WHAT IS REQUIRED:
Without the pictures, repeat all of the data exactly as it appears below.

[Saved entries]
--- START ---
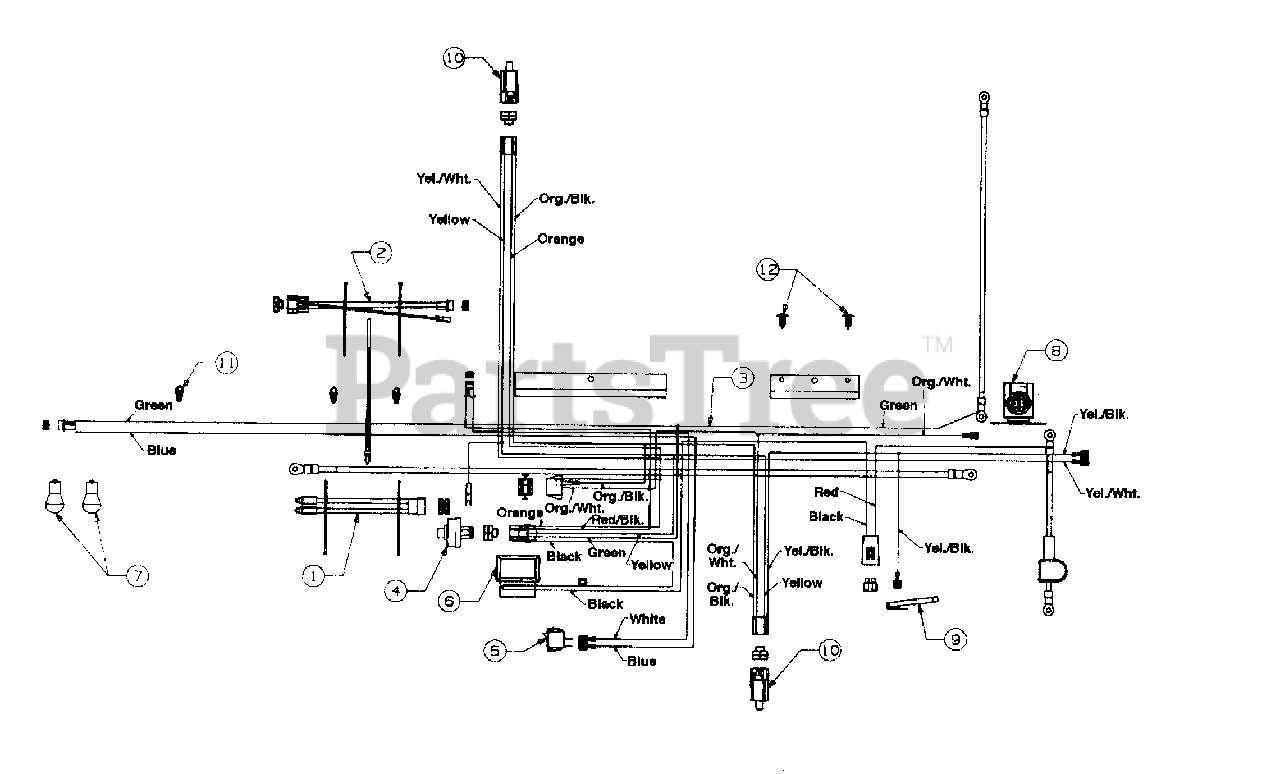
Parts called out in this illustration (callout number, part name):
1	Ratchet
2	Safety Switch
3	Solenoid
4	Bulb (Headlight)
5	Ammeter
6	Light Switch
7	Ignition Switch
8	Wire Harness
9	Wire Harness Adapter
10	Wire Harness (Monitor)
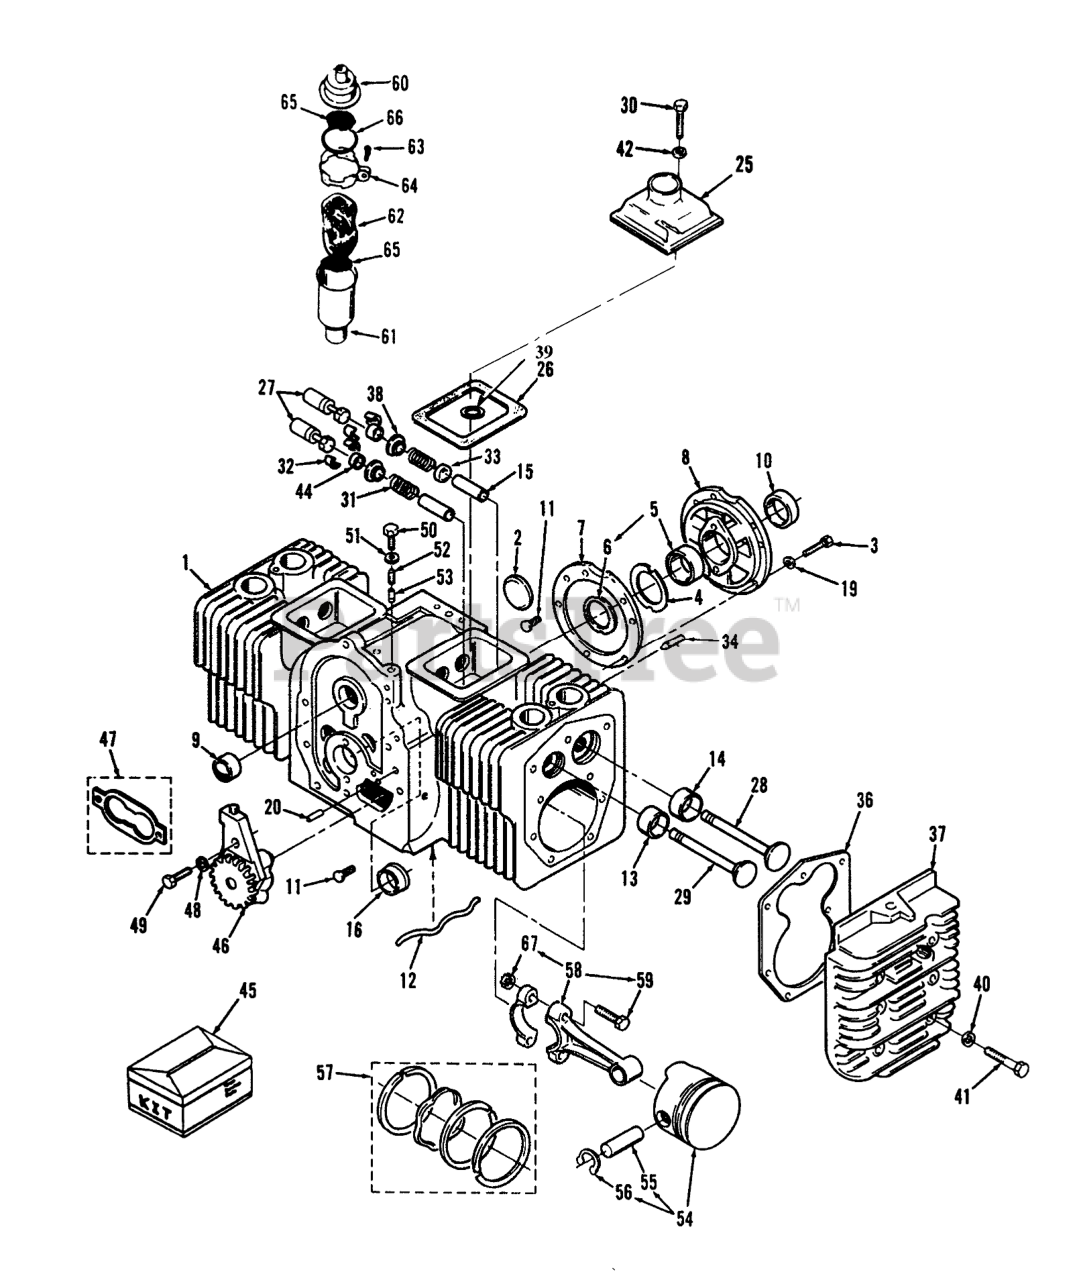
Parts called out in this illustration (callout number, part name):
1	CYLINDER BLOCK
2	Plug
3	Bolt 3/8-16x 1-1/4
5	Bearing-Crankshaft, Rear (Includes Thrust Washer)
6	Thrust Washer
7	GASKET
8	PLATE-BEARING, REAR
9	Camshaft Brg
10	Oil Seal
11	Screw
12	Oil Tube
13	Insert-Valve Seat, Exhaust
14	Insert-Valve Seat, Intake
15	Guide-ExhaustValve
16	Bearing-Crankshaft, Front, Flanged
19	Washer
20	Pin
25	Cover-Valve
26	GASKET
27	Tappet-Valve
28	Intake Valve
29	Exhaust Valve
30	HHCS 1/4-20 X 1 3/4
31	Spring
32	VALVE SPRING LOCK
33	Seal
34	Screw
36	Gasket
37	HOUSING CYL RH
38	Washer
39	Washer
40	Washer
41	Bolt
42	Washer
44	VALVE CAP
45	Kit-Gasket
46	Oil Pump
47	GASKET KIT
48	Washer
49	SCREW - CAP HEX HEAD
50	Bolt
51	Washer
52	Spring
53	Piunger
54	Piston (Includes Pin & Retaining Rings)
55	Pin-Piston
56	Retaining Ring
57	Kit-Ring, Piston
58	Rod-Connecting (Includes Bolt & Nut)
59	Rod Bolt
60	BREATHER-CAP AND VALVE
61	TUBE-BREATHER
62	FILTER
63	SCREW-TAPPING, ROUND HEAD
64	Clamp
65	SCREEN-BREATHER TUBE
66	SEAL - O-RING
67	Nut
--- END ---
SOLUTION TO THE PROBLEM:
Parts called out in this illustration (callout number, part name):
1	Ratchet
2	Safety Switch
3	Solenoid
4	Bulb (Headlight)
5	Ammeter
6	Light Switch
7	Ignition Switch
8	Wire Harness
9	Wire Harness Adapter
10	Wire Harness (Monitor)
Parts called out in this illustration (callout number, part name):
1	CYLINDER BLOCK
2	Plug
3	Bolt 3/8-16x 1-1/4
5	Bearing-Crankshaft, Rear (Includes Thrust Washer)
6	Thrust Washer
7	GASKET
8	PLATE-BEARING, REAR
9	Camshaft Brg
10	Oil Seal
11	Screw
12	Oil Tube
13	Insert-Valve Seat, Exhaust
14	Insert-Valve Seat, Intake
15	Guide-ExhaustValve
16	Bearing-Crankshaft, Front, Flanged
19	Washer
20	Pin
25	Cover-Valve
26	GASKET
27	Tappet-Valve
28	Intake Valve
29	Exhaust Valve
30	HHCS 1/4-20 X 1 3/4
31	Spring
32	VALVE SPRING LOCK
33	Seal
34	Screw
36	Gasket
37	HOUSING CYL RH
38	Washer
39	Washer
40	Washer
41	Bolt
42	Washer
44	VALVE CAP
45	Kit-Gasket
46	Oil Pump
47	GASKET KIT
48	Washer
49	SCREW - CAP HEX HEAD
50	Bolt
51	Washer
52	Spring
53	Piunger
54	Piston (Includes Pin & Retaining Rings)
55	Pin-Piston
56	Retaining Ring
57	Kit-Ring, Piston
58	Rod-Connecting (Includes Bolt & Nut)
59	Rod Bolt
60	BREATHER-CAP AND VALVE
61	TUBE-BREATHER
62	FILTER
63	SCREW-TAPPING, ROUND HEAD
64	Clamp
65	SCREEN-BREATHER TUBE
66	SEAL - O-RING
67	Nut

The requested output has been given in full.